# Photo of the month - Winner for September is...



## Arch (Nov 6, 2008)

Family Sunset Pano by DeadEye008








... and the runner up is Eiffel Tower by rgower








Well done guys, and in a very tough month... in fact one of my fav months of recent times.... so just thought id add the link back to the nominations 

http://www.thephotoforum.com/forum/showthread.php?p=1397985#post1397985


----------



## Antarctican (Nov 6, 2008)

Wow, both are gorgeous. Congrats to you!


----------



## Tangerini (Nov 6, 2008)

:cheer: Congrats! Both are beautiful!


----------



## clbowie (Nov 6, 2008)

Way to go!  Great photos!


----------



## Deadeye008 (Nov 6, 2008)

Thank you to all who voted for my pic! It's and honor!


----------



## cherry30 (Nov 6, 2008)

Wow! I love that sunset shot. Congratulations!
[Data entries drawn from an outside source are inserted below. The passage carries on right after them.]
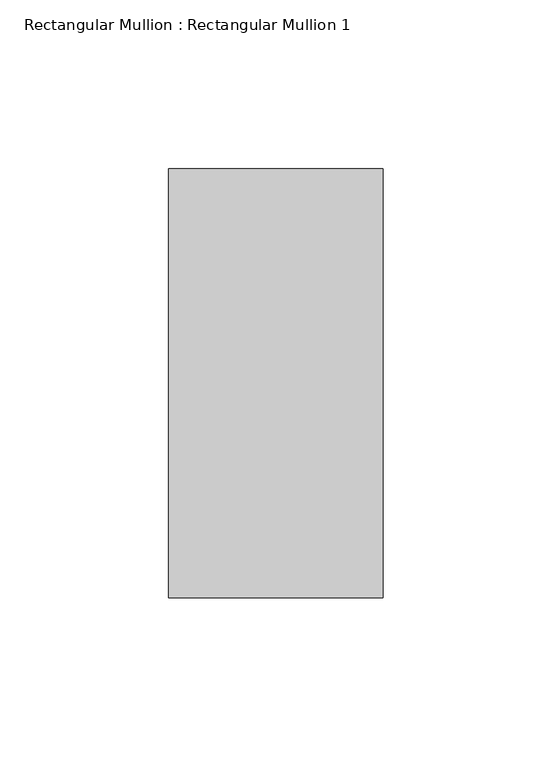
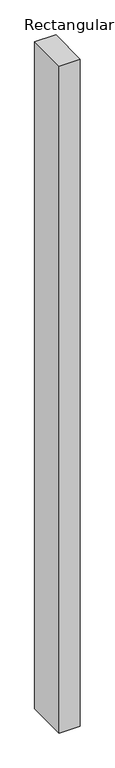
"""IFC4 building model written with IfcOpenShell, lengths in millimetres: member geometry, Rectangular Mullion : Rectangular Mullion 1."""

from ifc_helpers import new_model, si_unit, frame, origin, place, context, project, spatial, polyline, outline, extrude, source, transform, mapped, element, save


def rectangular_mullion_rectangular_mullion_1_455339bc(model_context):
    return source(origin(), model_context, "Body", "SweptSolid", [
        extrude(outline(polyline([(31.75, 63.5), (31.75, -63.5), (-31.75, -63.5), (-31.75, 63.5), (31.75, 63.5)])), frame((0.0, 0.0, -2116.8895883), z_axis=(0.0, 0.0, 1.0), x_axis=(1.0, 0.0, 0.0)), (0.0, 0.0, 1.0), 2116.8895883),
    ])


if __name__ == "__main__":
    model = new_model("IFC4")
    model_context = context("Model", 3, world=origin())
    ifc_project = project(units=[si_unit("LENGTHUNIT", "METRE", prefix="MILLI")], contexts=[model_context])
    site = spatial("IfcSite", under=ifc_project)
    building = spatial("IfcBuilding", under=site)
    placement = place(None, origin())
    rectangular_mullion_rectangular_mullion_1_shape = rectangular_mullion_rectangular_mullion_1_455339bc(model_context)
    element("IfcMember", 1, ObjectType="Rectangular Mullion : Rectangular Mullion 1", at=placement, inside=building, context=model_context, shape_type="MappedRepresentation", body=[
        mapped(rectangular_mullion_rectangular_mullion_1_shape, transform((0.0, 0.0, 0.0), x_axis=(1.0, 0.0, 0.0), y_axis=(0.0, 1.0, 0.0), z_axis=(0.0, 0.0, 1.0))),
    ])
    save(model, "model.ifc")
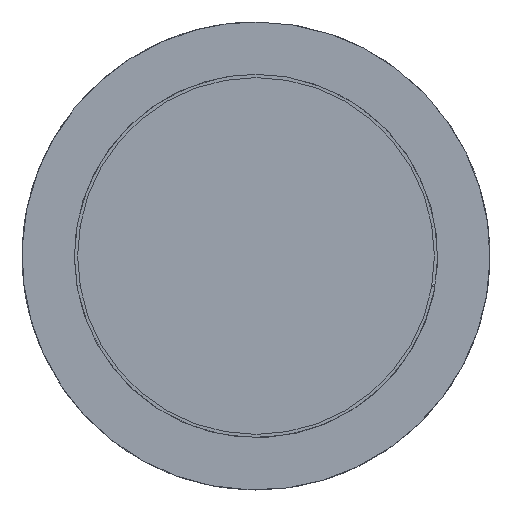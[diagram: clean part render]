
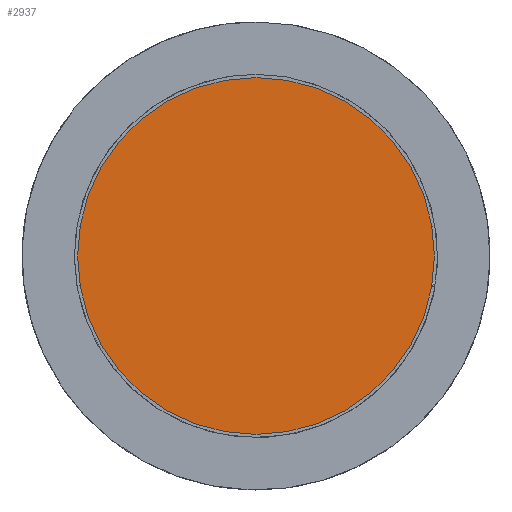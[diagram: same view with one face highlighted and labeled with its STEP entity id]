
A CAD part, front view. The second image highlights one B-rep face of the part: STEP entity #2937.
In plain terms, the highlighted planar face has unit normal (0, -1, 0).
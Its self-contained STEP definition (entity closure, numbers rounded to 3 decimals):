
#2937=ADVANCED_FACE('',(#10260),#10262,.T.);
#10260=FACE_BOUND('',#10261,.T.);
#10261=EDGE_LOOP('',(#17075));
#10262=PLANE('',#10263);
#10263=AXIS2_PLACEMENT_3D('',#10264,#10265,#10266);
#10264=CARTESIAN_POINT('',(-130.086,-678.479,281.309));
#10265=DIRECTION('',(0.,-1.,0.));
#10266=DIRECTION('',(0.,0.,-1.));
#17075=ORIENTED_EDGE('',*,*,#21266,.F.);
#21266=EDGE_CURVE('',#24954,#24954,#24955,.T.);
#24954=VERTEX_POINT('',#32842);
#24955=CIRCLE('',#32843,83.5);
#32842=CARTESIAN_POINT('',(-130.086,-678.479,114.309));
#32843=AXIS2_PLACEMENT_3D('',#32844,#32845,#32846);
#32844=CARTESIAN_POINT('',(-130.086,-678.479,197.809));
#32845=DIRECTION('',(0.,1.,0.));
#32846=DIRECTION('',(0.,0.,1.));
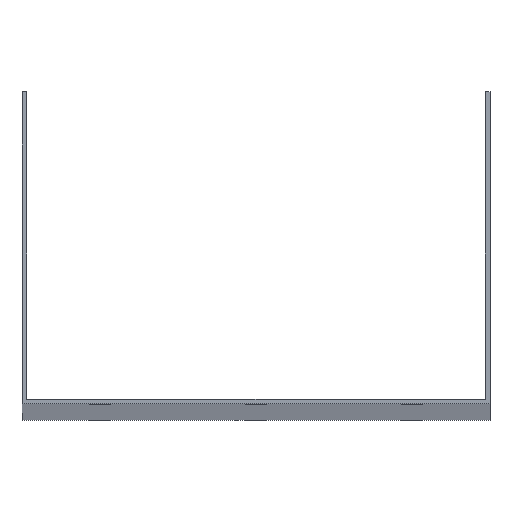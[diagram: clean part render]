
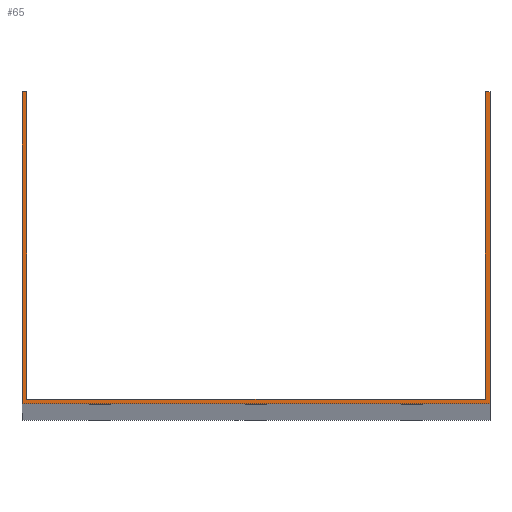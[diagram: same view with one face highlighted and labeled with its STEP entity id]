
A CAD part, top view. The second image highlights one B-rep face of the part: STEP entity #65.
In plain terms, the highlighted planar face has unit normal (0, 0, 1).
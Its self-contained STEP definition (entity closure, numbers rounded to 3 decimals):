
#65 = ADVANCED_FACE ( 'NONE', ( #2042 ), #3598, .T. ) ;
#79 = EDGE_LOOP ( 'NONE', ( #475, #1793, #1143, #1456, #3439, #296, #3843, #3457 ) ) ;
#149 = DIRECTION ( 'NONE',  ( 1., 0., 0. ) ) ;
#170 = DIRECTION ( 'NONE',  ( 1., 0., 0. ) ) ;
#171 = VERTEX_POINT ( 'NONE', #2156 ) ;
#239 = CARTESIAN_POINT ( 'NONE',  ( -73.5, 100., 1500. ) ) ;
#296 = ORIENTED_EDGE ( 'NONE', *, *, #2919, .T. ) ;
#423 = DIRECTION ( 'NONE',  ( 0., 1., 0. ) ) ;
#475 = ORIENTED_EDGE ( 'NONE', *, *, #1337, .F. ) ;
#673 = VECTOR ( 'NONE', #2955, 1000. ) ;
#743 = CARTESIAN_POINT ( 'NONE',  ( 73.5, 100., 1500. ) ) ;
#756 = DIRECTION ( 'NONE',  ( 0., 0., 1. ) ) ;
#799 = VERTEX_POINT ( 'NONE', #3293 ) ;
#988 = DIRECTION ( 'NONE',  ( -1., 0., 0. ) ) ;
#993 = VERTEX_POINT ( 'NONE', #3269 ) ;
#1053 = EDGE_CURVE ( 'NONE', #2039, #799, #1377, .T. ) ;
#1125 = VERTEX_POINT ( 'NONE', #1487 ) ;
#1143 = ORIENTED_EDGE ( 'NONE', *, *, #2106, .T. ) ;
#1215 = EDGE_CURVE ( 'NONE', #171, #2864, #3644, .T. ) ;
#1298 = CARTESIAN_POINT ( 'NONE',  ( 73.5, 1.5, 1500. ) ) ;
#1337 = EDGE_CURVE ( 'NONE', #1125, #171, #2826, .T. ) ;
#1377 = LINE ( 'NONE', #2002, #2774 ) ;
#1456 = ORIENTED_EDGE ( 'NONE', *, *, #2700, .T. ) ;
#1487 = CARTESIAN_POINT ( 'NONE',  ( -73.5, 100., 1500. ) ) ;
#1591 = CARTESIAN_POINT ( 'NONE',  ( -75., 100., 1500. ) ) ;
#1782 = VECTOR ( 'NONE', #2482, 1000. ) ;
#1793 = ORIENTED_EDGE ( 'NONE', *, *, #2522, .T. ) ;
#1837 = DIRECTION ( 'NONE',  ( 0., -1., 0. ) ) ;
#1859 = CARTESIAN_POINT ( 'NONE',  ( 75., 0., 1500. ) ) ;
#1920 = DIRECTION ( 'NONE',  ( 1., 0., 0. ) ) ;
#1969 = AXIS2_PLACEMENT_3D ( 'NONE', #3919, #756, #149 ) ;
#2002 = CARTESIAN_POINT ( 'NONE',  ( 75., 100., 1500. ) ) ;
#2039 = VERTEX_POINT ( 'NONE', #1859 ) ;
#2042 = FACE_OUTER_BOUND ( 'NONE', #79, .T. ) ;
#2106 = EDGE_CURVE ( 'NONE', #2751, #993, #2807, .T. ) ;
#2156 = CARTESIAN_POINT ( 'NONE',  ( -73.5, 1.5, 1500. ) ) ;
#2203 = LINE ( 'NONE', #3465, #3521 ) ;
#2229 = VERTEX_POINT ( 'NONE', #3237 ) ;
#2338 = LINE ( 'NONE', #3557, #3578 ) ;
#2482 = DIRECTION ( 'NONE',  ( 0., -1., 0. ) ) ;
#2522 = EDGE_CURVE ( 'NONE', #1125, #2751, #2338, .T. ) ;
#2654 = VECTOR ( 'NONE', #988, 1000. ) ;
#2700 = EDGE_CURVE ( 'NONE', #993, #2039, #2203, .T. ) ;
#2751 = VERTEX_POINT ( 'NONE', #3781 ) ;
#2774 = VECTOR ( 'NONE', #423, 1000. ) ;
#2807 = LINE ( 'NONE', #1591, #1782 ) ;
#2826 = LINE ( 'NONE', #239, #3180 ) ;
#2864 = VERTEX_POINT ( 'NONE', #1298 ) ;
#2919 = EDGE_CURVE ( 'NONE', #799, #2229, #3840, .T. ) ;
#2932 = DIRECTION ( 'NONE',  ( -1., 0., 0. ) ) ;
#2955 = DIRECTION ( 'NONE',  ( 0., 1., 0. ) ) ;
#3180 = VECTOR ( 'NONE', #1837, 1000. ) ;
#3237 = CARTESIAN_POINT ( 'NONE',  ( 73.5, 100., 1500. ) ) ;
#3269 = CARTESIAN_POINT ( 'NONE',  ( -75., 0., 1500. ) ) ;
#3274 = LINE ( 'NONE', #743, #673 ) ;
#3293 = CARTESIAN_POINT ( 'NONE',  ( 75., 100., 1500. ) ) ;
#3399 = EDGE_CURVE ( 'NONE', #2864, #2229, #3274, .T. ) ;
#3439 = ORIENTED_EDGE ( 'NONE', *, *, #1053, .T. ) ;
#3457 = ORIENTED_EDGE ( 'NONE', *, *, #1215, .F. ) ;
#3465 = CARTESIAN_POINT ( 'NONE',  ( -75., 0., 1500. ) ) ;
#3521 = VECTOR ( 'NONE', #1920, 1000. ) ;
#3522 = CARTESIAN_POINT ( 'NONE',  ( -75., 100., 1500. ) ) ;
#3557 = CARTESIAN_POINT ( 'NONE',  ( -75., 100., 1500. ) ) ;
#3578 = VECTOR ( 'NONE', #2932, 1000. ) ;
#3598 = PLANE ( 'NONE',  #1969 ) ;
#3599 = CARTESIAN_POINT ( 'NONE',  ( -75., 1.5, 1500. ) ) ;
#3644 = LINE ( 'NONE', #3599, #4049 ) ;
#3781 = CARTESIAN_POINT ( 'NONE',  ( -75., 100., 1500. ) ) ;
#3840 = LINE ( 'NONE', #3522, #2654 ) ;
#3843 = ORIENTED_EDGE ( 'NONE', *, *, #3399, .F. ) ;
#3919 = CARTESIAN_POINT ( 'NONE',  ( 0., 0., 1500. ) ) ;
#4049 = VECTOR ( 'NONE', #170, 1000. ) ;

Awesome work.


----------



## invisible (Nov 6, 2008)

Superb photographs, well deserved!


----------



## Dmitri (Nov 6, 2008)

Grats guys! And yeah, was a tough month to vote.


----------



## rgower (Nov 10, 2008)

NOOOOOOOOOOOOOOOOOOOOOOOO


----------



## dwol (Nov 15, 2008)

Congrats guys! Beautiful photos


----------



## Gordon Simpson (Nov 19, 2008)

The Eiffel Tower has never looked so good before!


----------



## swetsastonic (Nov 22, 2008)

both are great.  that is a really unbelievable shot of the eiffel tower.  the clouds at the bottom left take that shot from great to more great...er.


----------



## TwoRails (Nov 22, 2008)

Both are great shots!  Very nice silhouette in the family shot, and very nice perspective and drama in the Eiffel tower shot


----------



## Mersad (Nov 22, 2008)

Congratulations.


----------



## MrsCullen89 (Nov 28, 2008)

Personally, I think the Eiffel Tower is better. It's more interesting to look at, and it looks like it took more thought and care to shoot and edit.


----------